Records from a data collection:
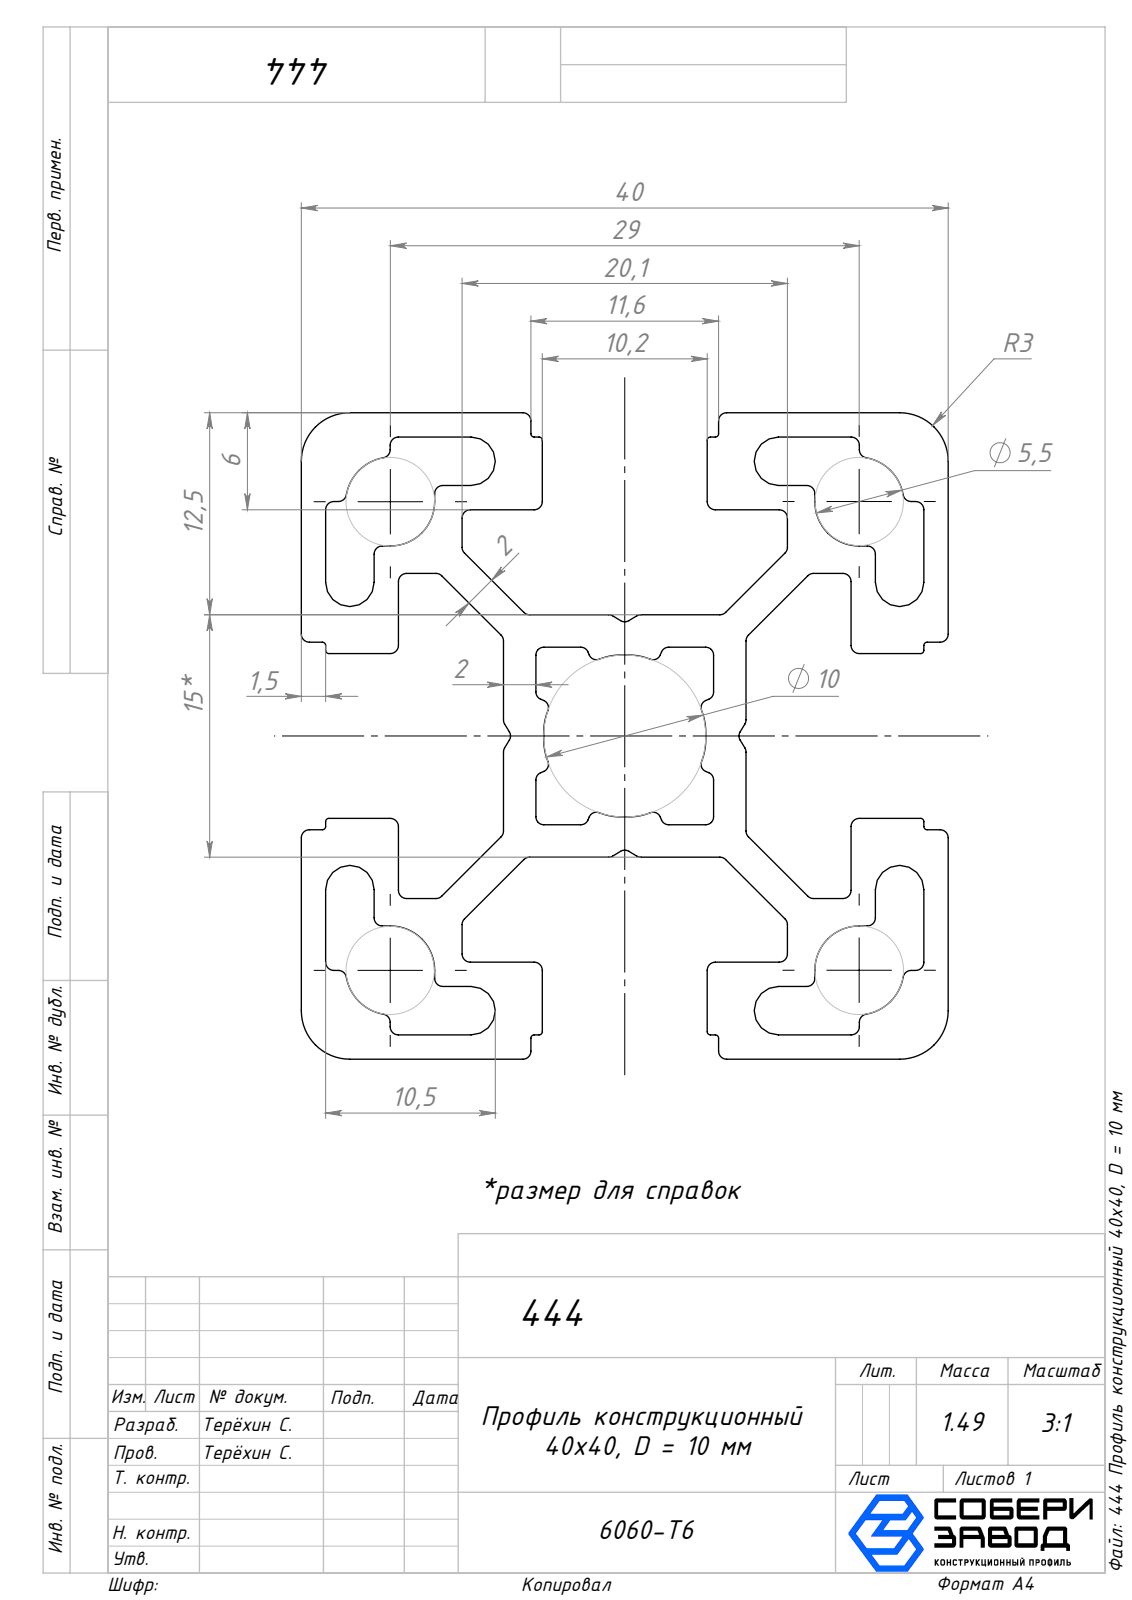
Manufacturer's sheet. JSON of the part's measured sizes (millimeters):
{"part_name": "444 Профиль конструкционный 40х40, Ф = 10 мм; 444 Профиль конструкционный 40х40, Ф = 10 мм_00", "step_written_by": "SolidWorks 2025 (CONFIG_CONTROL_DESIGN)", "units": "millimeters", "bodies": {"solids": 1, "faces": 294, "planar": 122, "cylindrical": 172, "other": 0}, "overall_size": [1000, 40, 40], "volume_mm3": 550002, "surface_area_mm2": 500212, "partial_cylinders_radius": [[0.51, 32], [0.2, 16], [0.48, 8], [0.48, 8], [0.48, 8], [0.49, 8], [0.5, 8], [0.5, 8]], "face_to_face_distances": [40, 12.5, 27.5, 1.5, 11, 26, 38.5, 33.99, 32.49, 6.01]}
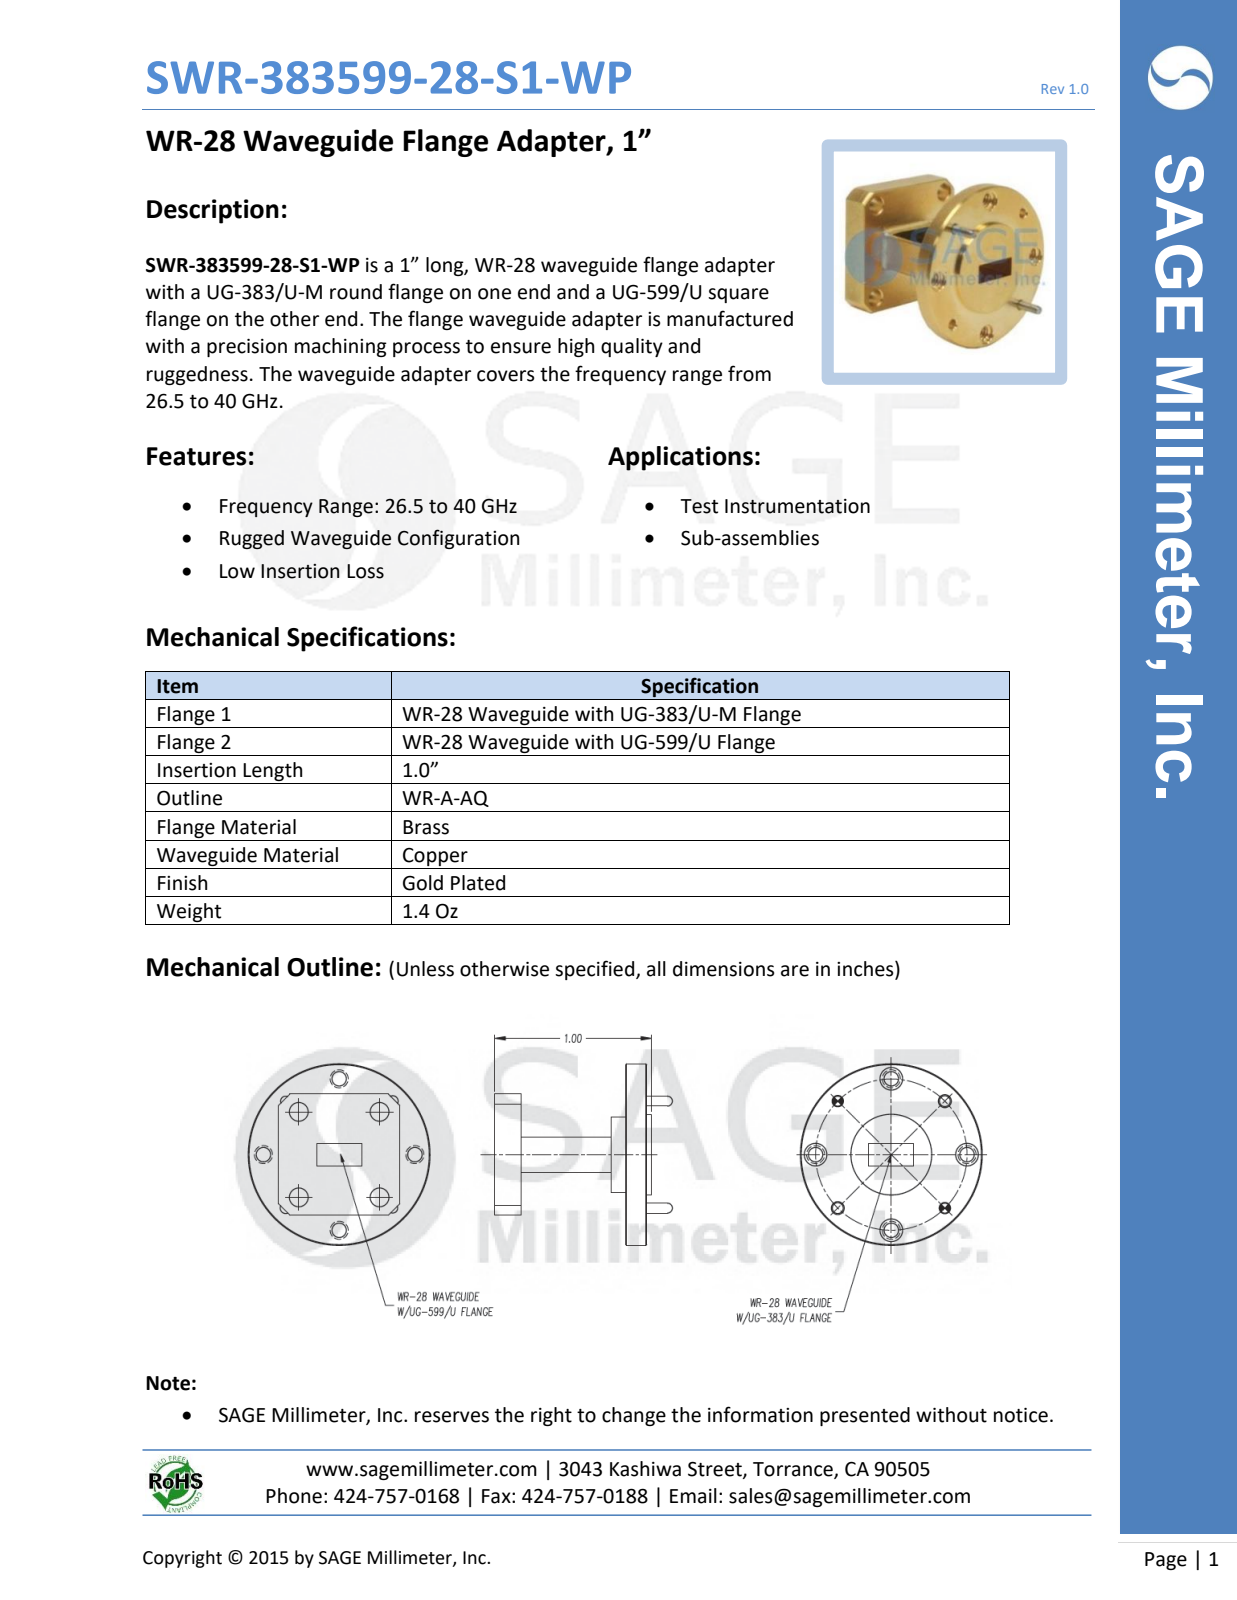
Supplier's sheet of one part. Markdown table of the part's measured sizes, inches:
| quantity | value |
| --- | --- |
| part name | DMWR-28-301-1 |
| STEP written by | SolidWorks 2013 (CONFIG_CONTROL_DESIGN) |
| units | inches |
| bodies | 3 solids, 92 faces (30 planar, 42 cylindrical, 20 other) |
| overall size | 1.125 × 1.125 × 1.123 |
| volume | 0.275 in³ |
| surface area | 6.12 in² |
| round holes (diameter × count) | 0.089 × 4, 0.116 × 4, 0.14 × 4, 0.061 × 2, 0.067 × 2 |
| round bosses / shafts (diameter × count) | 0.063 × 2, 1.125 × 1, 0.5 × 1, 0.47 × 1 |
| main face-to-face distances | 0.16, 0.043, 0.97, 0.81, 0.78, 0.62, 0.19, 0.183, 0.14, 0.322 |
| hole center spacings | 0.359, 0.663, 0.866, 0.105, 0.322, 0.585, 0.602, 0.775 |
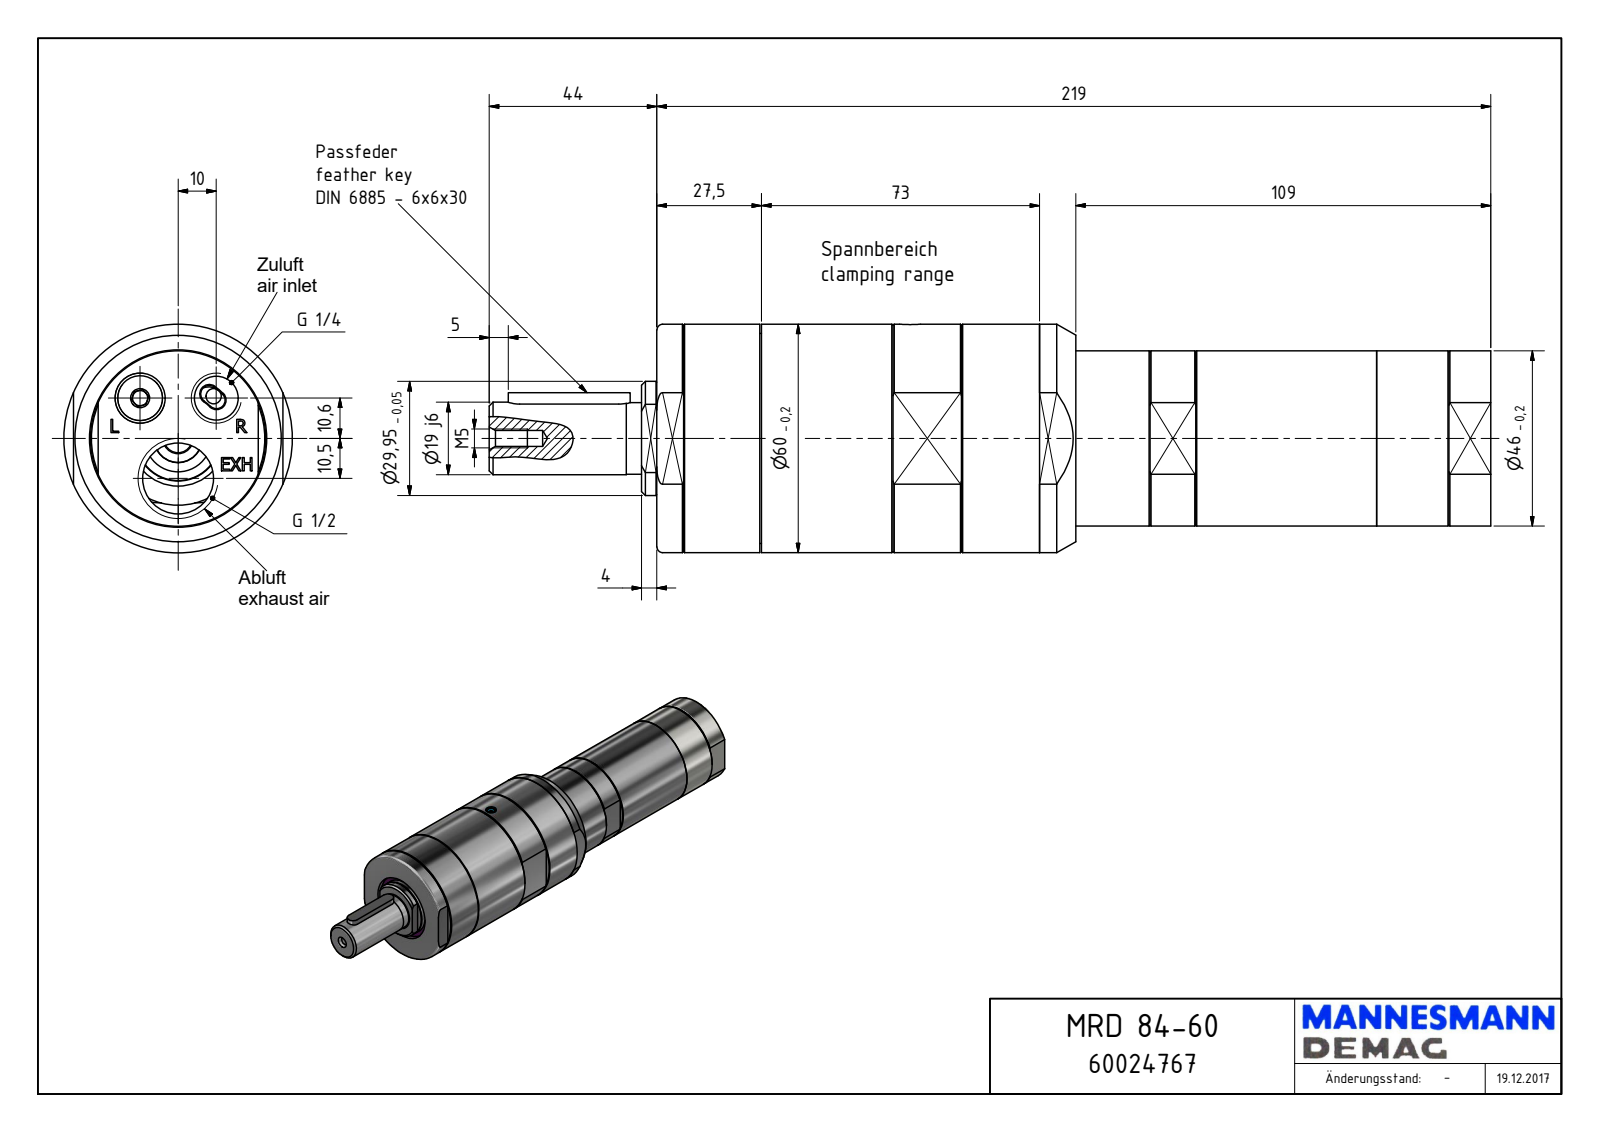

▶ [EXERCISE DESCRIPTION]:
Would you copy the records word for word, without any of their pictures?

▶ [TASK SOLUTION]:
Manufacturer's sheet. JSON of the part's measured sizes (millimeters):
{"part_name": "444 Профиль конструкционный 40х40, Ф = 10 мм; 444 Профиль конструкционный 40х40, Ф = 10 мм_00", "step_written_by": "SolidWorks 2025 (CONFIG_CONTROL_DESIGN)", "units": "millimeters", "bodies": {"solids": 1, "faces": 294, "planar": 122, "cylindrical": 172, "other": 0}, "overall_size": [1000, 40, 40], "volume_mm3": 550002, "surface_area_mm2": 500212, "partial_cylinders_radius": [[0.51, 32], [0.2, 16], [0.48, 8], [0.48, 8], [0.48, 8], [0.49, 8], [0.5, 8], [0.5, 8]], "face_to_face_distances": [40, 12.5, 27.5, 1.5, 11, 26, 38.5, 33.99, 32.49, 6.01]}
Supplier's sheet of one part. Markdown table of the part's measured sizes, inches:
| quantity | value |
| --- | --- |
| part name | DMWR-28-301-1 |
| STEP written by | SolidWorks 2013 (CONFIG_CONTROL_DESIGN) |
| units | inches |
| bodies | 3 solids, 92 faces (30 planar, 42 cylindrical, 20 other) |
| overall size | 1.125 × 1.125 × 1.123 |
| volume | 0.275 in³ |
| surface area | 6.12 in² |
| round holes (diameter × count) | 0.089 × 4, 0.116 × 4, 0.14 × 4, 0.061 × 2, 0.067 × 2 |
| round bosses / shafts (diameter × count) | 0.063 × 2, 1.125 × 1, 0.5 × 1, 0.47 × 1 |
| main face-to-face distances | 0.16, 0.043, 0.97, 0.81, 0.78, 0.62, 0.19, 0.183, 0.14, 0.322 |
| hole center spacings | 0.359, 0.663, 0.866, 0.105, 0.322, 0.585, 0.602, 0.775 |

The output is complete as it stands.